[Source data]
——
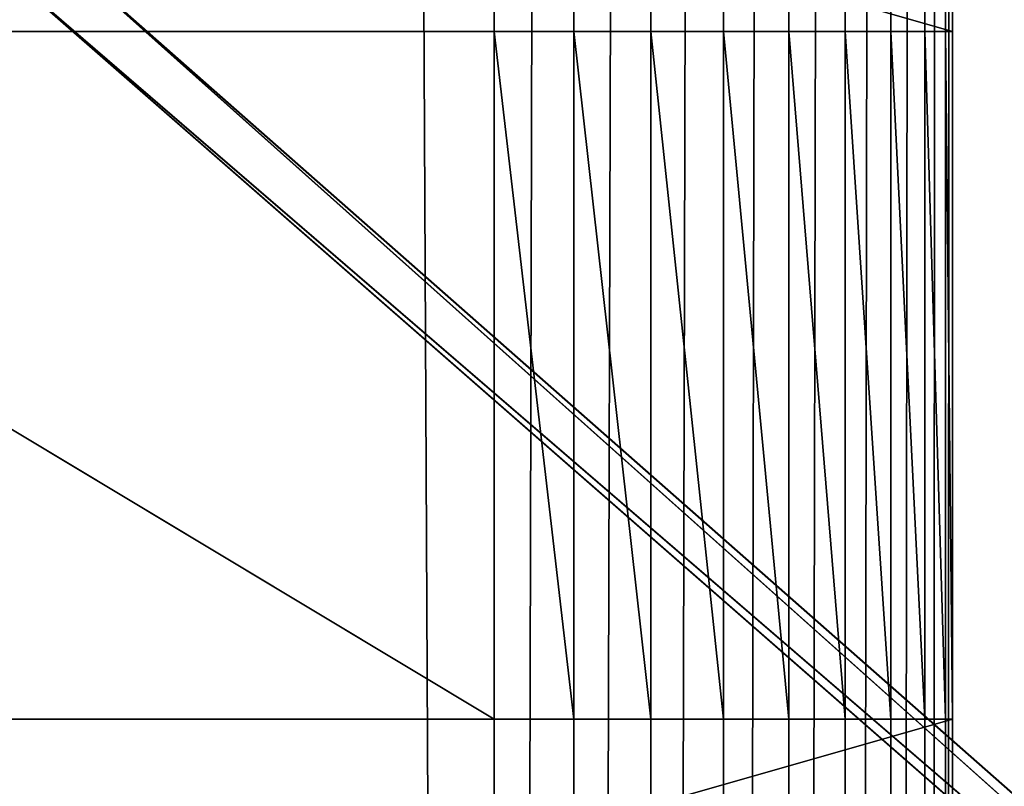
# Model space of a CAD drawing. Extents: x 226 to 378, y -30 to 313.
# Tile 377 of 656: x 340 to 351, y 114 to 122. Entities that reach past the tile are written whole.
import ezdxf

# ---------------------------------------------------------------- set-up
doc = ezdxf.new("R2010")
doc.units = 0
doc.header["$LTSCALE"] = 25.4
doc.layers.get('0').update_dxf_attribs({"color": 13, "linetype": 'CONTINUOUS'})
for name, color, linetype in [('_NCL1_62', 7, 'CONTINUOUS'), ('_NCL1_64', 250, 'CONTINUOUS'), ('USER_LIBRARY_DIN_RAIL_DEFA', 254, 'CONTINUOUS')]:
    doc.layers.add(name, color=color, linetype=linetype)

# ---------------------------------------------------------------- blocks, each defined once
blk = doc.blocks.new('EWON_2005CD_4005CD_COSY141')
at = {"layer": '_NCL1_62', "color": 0}
for p, q in [((27.94, 342.9, 292.1), (27.94, 198.12, 276.86)), ((27.94, 342.9, 292.1), (27.94, 198.12, 276.86)), ((27.94, 342.9, 292.1), (27.94, 190.5, 276.86)), ((27.94, 342.9, 292.1), (27.94, 190.5, 276.86)), ((27.94, 342.9, 292.1), (27.94, 185.42, 276.86)), ((27.94, 342.9, 292.1), (27.94, 185.42, 276.86)), ((27.94, 342.9, 292.1), (27.94, 177.8, 276.86)), ((27.94, 342.9, 292.1), (27.94, 177.8, 276.86)), ((27.94, 342.9, 292.1), (27.94, 20.32, 292.1)), ((28.017, 342.9, 292.982), (27.94, 20.32, 292.1)), ((27.94, 342.9, 292.1), (27.94, 20.32, 292.1)), ((28.017, 342.9, 292.982), (27.94, 20.32, 292.1)), ((28.246, 342.9, 293.837), (28.017, 20.32, 292.982)), ((28.017, 20.32, 292.982), (28.017, 342.9, 292.982)), ((28.017, 20.32, 292.982), (28.017, 342.9, 292.982)), ((28.246, 342.9, 293.837), (28.017, 20.32, 292.982)), ((28.621, 342.9, 294.64), (28.246, 20.32, 293.837)), ((28.246, 20.32, 293.837), (28.246, 342.9, 293.837)), ((28.246, 20.32, 293.837), (28.246, 342.9, 293.837)), ((28.621, 342.9, 294.64), (28.246, 20.32, 293.837)), ((29.128, 342.9, 295.365), (28.621, 20.32, 294.64)), ((28.621, 20.32, 294.64), (28.621, 342.9, 294.64)), ((28.621, 20.32, 294.64), (28.621, 342.9, 294.64)), ((29.128, 342.9, 295.365), (28.621, 20.32, 294.64)), ((29.755, 342.9, 295.991), (29.128, 20.32, 295.365)), ((29.128, 20.32, 295.365), (29.128, 342.9, 295.365)), ((29.128, 20.32, 295.365), (29.128, 342.9, 295.365)), ((29.755, 342.9, 295.991), (29.128, 20.32, 295.365)), ((30.48, 342.9, 296.499), (29.755, 20.32, 295.991)), ((29.755, 20.32, 295.991), (29.755, 342.9, 295.991)), ((29.755, 20.32, 295.991), (29.755, 342.9, 295.991)), ((30.48, 342.9, 296.499), (29.755, 20.32, 295.991)), ((31.283, 342.9, 296.874), (30.48, 20.32, 296.499)), ((30.48, 20.32, 296.499), (30.48, 342.9, 296.499)), ((30.48, 20.32, 296.499), (30.48, 342.9, 296.499)), ((31.283, 342.9, 296.874), (30.48, 20.32, 296.499)), ((32.138, 342.9, 297.103), (31.283, 20.32, 296.874)), ((31.283, 20.32, 296.874), (31.283, 342.9, 296.874)), ((31.283, 20.32, 296.874), (31.283, 342.9, 296.874)), ((32.138, 342.9, 297.103), (31.283, 20.32, 296.874)), ((33.02, 342.9, 297.18), (32.138, 20.32, 297.103)), ((32.138, 20.32, 297.103), (32.138, 342.9, 297.103)), ((32.138, 20.32, 297.103), (32.138, 342.9, 297.103)), ((33.02, 342.9, 297.18), (32.138, 20.32, 297.103)), ((27.94, 198.12, 71.12), (27.94, 203.2, 220.98)), ((27.94, 203.2, 220.98), (27.94, 198.12, 220.98)), ((27.94, 198.12, 71.12), (27.94, 203.2, 220.98)), ((27.94, 198.12, 71.12), (27.94, 203.2, 71.12)), ((27.94, 198.12, 276.86), (27.94, 203.2, 276.86)), ((45.72, 203.2, 71.12), (27.94, 198.12, 71.12)), ((45.72, 203.2, 71.12), (27.94, 198.12, 71.12)), ((27.94, 198.12, 71.12), (27.94, 203.2, 71.12)), ((45.72, 203.2, 276.86), (27.94, 198.12, 276.86)), ((45.72, 203.2, 276.86), (27.94, 198.12, 276.86)), ((27.94, 198.12, 276.86), (27.94, 203.2, 276.86)), ((27.94, 203.2, 220.98), (27.94, 198.12, 220.98)), ((27.94, 198.12, 220.98), (27.94, 198.12, 71.12)), ((27.94, 198.12, 276.86), (27.94, 190.5, 276.86)), ((27.94, 190.5, 276.86), (27.94, 198.12, 220.98)), ((27.94, 198.12, 220.98), (27.94, 198.12, 276.86)), ((27.94, 190.5, 220.98), (27.94, 198.12, 220.98)), ((27.94, 190.5, 276.86), (27.94, 198.12, 220.98)), ((27.94, 190.5, 220.98), (27.94, 198.12, 220.98)), ((27.94, 190.5, 71.12), (27.94, 198.12, 220.98)), ((27.94, 190.5, 71.12), (27.94, 198.12, 33.02)), ((27.94, 198.12, 33.02), (27.94, 198.12, 71.12)), ((27.94, 198.12, 71.12), (27.94, 190.5, 71.12)), ((27.94, 190.5, 33.02), (27.94, 198.12, 33.02)), ((27.94, 190.5, 71.12), (27.94, 198.12, 33.02)), ((27.94, 190.5, 71.12), (27.94, 198.12, 220.98)), ((27.94, 198.12, 71.12), (27.94, 190.5, 71.12)), ((27.94, 198.12, 220.98), (27.94, 198.12, 71.12)), ((27.94, 198.12, 276.86), (27.94, 190.5, 276.86)), ((27.94, 198.12, 71.12), (45.72, 198.12, 71.12)), ((27.94, 198.12, 33.02), (45.72, 198.12, 71.12)), ((27.94, 198.12, 71.12), (45.72, 198.12, 71.12)), ((27.94, 198.12, 33.02), (27.94, 198.12, 71.12)), ((27.94, 198.12, 33.02), (45.72, 198.12, 71.12)), ((27.94, 198.12, 33.02), (45.72, 198.12, 27.94)), ((27.94, 198.12, 33.02), (45.72, 198.12, 27.94)), ((27.94, 198.12, 33.02), (33.02, 198.12, 27.94)), ((27.94, 198.12, 33.02), (28.017, 198.12, 32.138)), ((28.246, 198.12, 31.283), (27.94, 198.12, 33.02)), ((28.246, 198.12, 31.283), (27.94, 198.12, 33.02)), ((28.621, 198.12, 30.48), (27.94, 198.12, 33.02)), ((28.621, 198.12, 30.48), (27.94, 198.12, 33.02)), ((29.128, 198.12, 29.755), (27.94, 198.12, 33.02)), ((29.128, 198.12, 29.755), (27.94, 198.12, 33.02)), ((29.755, 198.12, 29.128), (27.94, 198.12, 33.02)), ((29.755, 198.12, 29.128), (27.94, 198.12, 33.02)), ((30.48, 198.12, 28.621), (27.94, 198.12, 33.02)), ((30.48, 198.12, 28.621), (27.94, 198.12, 33.02)), ((31.283, 198.12, 28.246), (27.94, 198.12, 33.02)), ((31.283, 198.12, 28.246), (27.94, 198.12, 33.02)), ((32.138, 198.12, 28.017), (27.94, 198.12, 33.02)), ((32.138, 198.12, 28.017), (27.94, 198.12, 33.02)), ((27.94, 198.12, 33.02), (33.02, 198.12, 27.94)), ((27.94, 198.12, 276.86), (45.72, 198.12, 276.86)), ((27.94, 198.12, 220.98), (45.72, 198.12, 220.98)), ((45.72, 198.12, 276.86), (27.94, 198.12, 220.98)), ((45.72, 198.12, 276.86), (27.94, 198.12, 220.98)), ((27.94, 198.12, 276.86), (45.72, 198.12, 276.86)), ((27.94, 198.12, 220.98), (27.94, 198.12, 276.86)), ((27.94, 198.12, 220.98), (45.72, 198.12, 220.98)), ((27.94, 198.12, 33.02), (28.017, 198.12, 32.138)), ((27.94, 198.12, 33.02), (28.017, 190.5, 32.138)), ((27.94, 198.12, 33.02), (28.017, 190.5, 32.138)), ((27.94, 190.5, 33.02), (27.94, 198.12, 33.02)), ((28.017, 198.12, 32.138), (28.246, 198.12, 31.283)), ((28.017, 190.5, 32.138), (28.017, 198.12, 32.138)), ((28.017, 198.12, 32.138), (28.246, 198.12, 31.283)), ((28.017, 198.12, 32.138), (28.246, 190.5, 31.283)), ((28.017, 198.12, 32.138), (28.246, 190.5, 31.283)), ((28.017, 190.5, 32.138), (28.017, 198.12, 32.138)), ((28.246, 198.12, 31.283), (28.621, 198.12, 30.48)), ((28.246, 190.5, 31.283), (28.246, 198.12, 31.283)), ((28.246, 198.12, 31.283), (28.621, 198.12, 30.48)), ((28.246, 198.12, 31.283), (28.621, 190.5, 30.48)), ((28.246, 198.12, 31.283), (28.621, 190.5, 30.48)), ((28.246, 190.5, 31.283), (28.246, 198.12, 31.283)), ((28.621, 198.12, 30.48), (29.128, 198.12, 29.755)), ((28.621, 190.5, 30.48), (28.621, 198.12, 30.48)), ((28.621, 198.12, 30.48), (29.128, 198.12, 29.755)), ((28.621, 198.12, 30.48), (29.128, 190.5, 29.755)), ((28.621, 198.12, 30.48), (29.128, 190.5, 29.755)), ((28.621, 190.5, 30.48), (28.621, 198.12, 30.48)), ((29.128, 198.12, 29.755), (29.755, 198.12, 29.128)), ((29.128, 190.5, 29.755), (29.128, 198.12, 29.755)), ((29.128, 198.12, 29.755), (29.755, 198.12, 29.128)), ((29.128, 198.12, 29.755), (29.755, 190.5, 29.128)), ((29.128, 198.12, 29.755), (29.755, 190.5, 29.128)), ((29.128, 190.5, 29.755), (29.128, 198.12, 29.755)), ((29.755, 198.12, 29.128), (30.48, 198.12, 28.621)), ((29.755, 190.5, 29.128), (29.755, 198.12, 29.128)), ((29.755, 198.12, 29.128), (30.48, 198.12, 28.621)), ((29.755, 198.12, 29.128), (30.48, 190.5, 28.621)), ((29.755, 198.12, 29.128), (30.48, 190.5, 28.621)), ((29.755, 190.5, 29.128), (29.755, 198.12, 29.128)), ((30.48, 198.12, 28.621), (31.283, 198.12, 28.246)), ((30.48, 190.5, 28.621), (30.48, 198.12, 28.621)), ((30.48, 198.12, 28.621), (31.283, 198.12, 28.246)), ((30.48, 198.12, 28.621), (31.283, 190.5, 28.246)), ((30.48, 198.12, 28.621), (31.283, 190.5, 28.246)), ((30.48, 190.5, 28.621), (30.48, 198.12, 28.621)), ((31.283, 198.12, 28.246), (32.138, 198.12, 28.017)), ((31.283, 190.5, 28.246), (31.283, 198.12, 28.246)), ((31.283, 198.12, 28.246), (32.138, 198.12, 28.017)), ((31.283, 198.12, 28.246), (32.138, 190.5, 28.017)), ((31.283, 198.12, 28.246), (32.138, 190.5, 28.017)), ((31.283, 190.5, 28.246), (31.283, 198.12, 28.246)), ((32.138, 198.12, 28.017), (33.02, 198.12, 27.94)), ((32.138, 198.12, 28.017), (33.02, 190.5, 27.94)), ((32.138, 198.12, 28.017), (33.02, 198.12, 27.94)), ((32.138, 190.5, 28.017), (32.138, 198.12, 28.017)), ((32.138, 198.12, 28.017), (33.02, 190.5, 27.94)), ((32.138, 190.5, 28.017), (32.138, 198.12, 28.017)), ((45.72, 190.5, 27.94), (33.02, 198.12, 27.94)), ((33.02, 198.12, 27.94), (33.02, 190.5, 27.94)), ((45.72, 190.5, 27.94), (33.02, 198.12, 27.94)), ((45.72, 198.12, 27.94), (33.02, 198.12, 27.94)), ((45.72, 198.12, 27.94), (33.02, 198.12, 27.94)), ((33.02, 198.12, 27.94), (33.02, 190.5, 27.94)), ((27.94, 185.42, 71.12), (27.94, 190.5, 220.98)), ((27.94, 190.5, 220.98), (27.94, 185.42, 220.98)), ((27.94, 190.5, 276.86), (27.94, 190.5, 220.98)), ((27.94, 190.5, 220.98), (27.94, 190.5, 71.12)), ((27.94, 185.42, 71.12), (27.94, 190.5, 220.98)), ((27.94, 185.42, 71.12), (27.94, 190.5, 71.12)), ((27.94, 190.5, 220.98), (27.94, 190.5, 71.12)), ((27.94, 190.5, 71.12), (27.94, 190.5, 33.02)), ((27.94, 185.42, 276.86), (27.94, 190.5, 276.86)), ((45.72, 190.5, 71.12), (27.94, 190.5, 71.12)), ((27.94, 185.42, 71.12), (27.94, 190.5, 71.12)), ((45.72, 190.5, 71.12), (27.94, 190.5, 71.12)), ((45.72, 190.5, 71.12), (27.94, 190.5, 33.02)), ((27.94, 190.5, 71.12), (27.94, 190.5, 33.02)), ((45.72, 190.5, 27.94), (27.94, 190.5, 33.02)), ((45.72, 190.5, 71.12), (27.94, 190.5, 33.02)), ((33.02, 190.5, 27.94), (27.94, 190.5, 33.02)), ((45.72, 190.5, 27.94), (27.94, 190.5, 33.02)), ((28.017, 190.5, 32.138), (27.94, 190.5, 33.02)), ((33.02, 190.5, 27.94), (27.94, 190.5, 33.02)), ((45.72, 190.5, 276.86), (27.94, 190.5, 276.86)), ((27.94, 185.42, 276.86), (27.94, 190.5, 276.86)), ((27.94, 190.5, 220.98), (27.94, 185.42, 220.98)), ((27.94, 190.5, 220.98), (45.72, 185.42, 220.98)), ((27.94, 190.5, 220.98), (45.72, 190.5, 220.98)), ((27.94, 190.5, 220.98), (45.72, 185.42, 220.98)), ((45.72, 190.5, 276.86), (27.94, 190.5, 276.86)), ((45.72, 190.5, 220.98), (27.94, 190.5, 276.86)), ((45.72, 190.5, 220.98), (27.94, 190.5, 276.86)), ((27.94, 190.5, 220.98), (45.72, 190.5, 220.98)), ((27.94, 190.5, 276.86), (27.94, 190.5, 220.98)), ((28.017, 190.5, 32.138), (27.94, 190.5, 33.02)), ((28.246, 190.5, 31.283), (28.017, 190.5, 32.138)), ((28.017, 190.5, 32.138), (33.02, 190.5, 27.94)), ((28.017, 190.5, 32.138), (33.02, 190.5, 27.94)), ((28.246, 190.5, 31.283), (28.017, 190.5, 32.138)), ((28.621, 190.5, 30.48), (28.246, 190.5, 31.283)), ((28.246, 190.5, 31.283), (33.02, 190.5, 27.94)), ((28.246, 190.5, 31.283), (33.02, 190.5, 27.94)), ((28.621, 190.5, 30.48), (28.246, 190.5, 31.283)), ((29.128, 190.5, 29.755), (28.621, 190.5, 30.48)), ((28.621, 190.5, 30.48), (33.02, 190.5, 27.94)), ((28.621, 190.5, 30.48), (33.02, 190.5, 27.94)), ((29.128, 190.5, 29.755), (28.621, 190.5, 30.48)), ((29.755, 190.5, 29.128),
——
# Exercise goal
Copy every line where the word "layers" is present in the entries above.

# Answer space
doc.layers.get('0').update_dxf_attribs({"color": 13, "linetype": 'CONTINUOUS'})
    doc.layers.add(name, color=color, linetype=linetype)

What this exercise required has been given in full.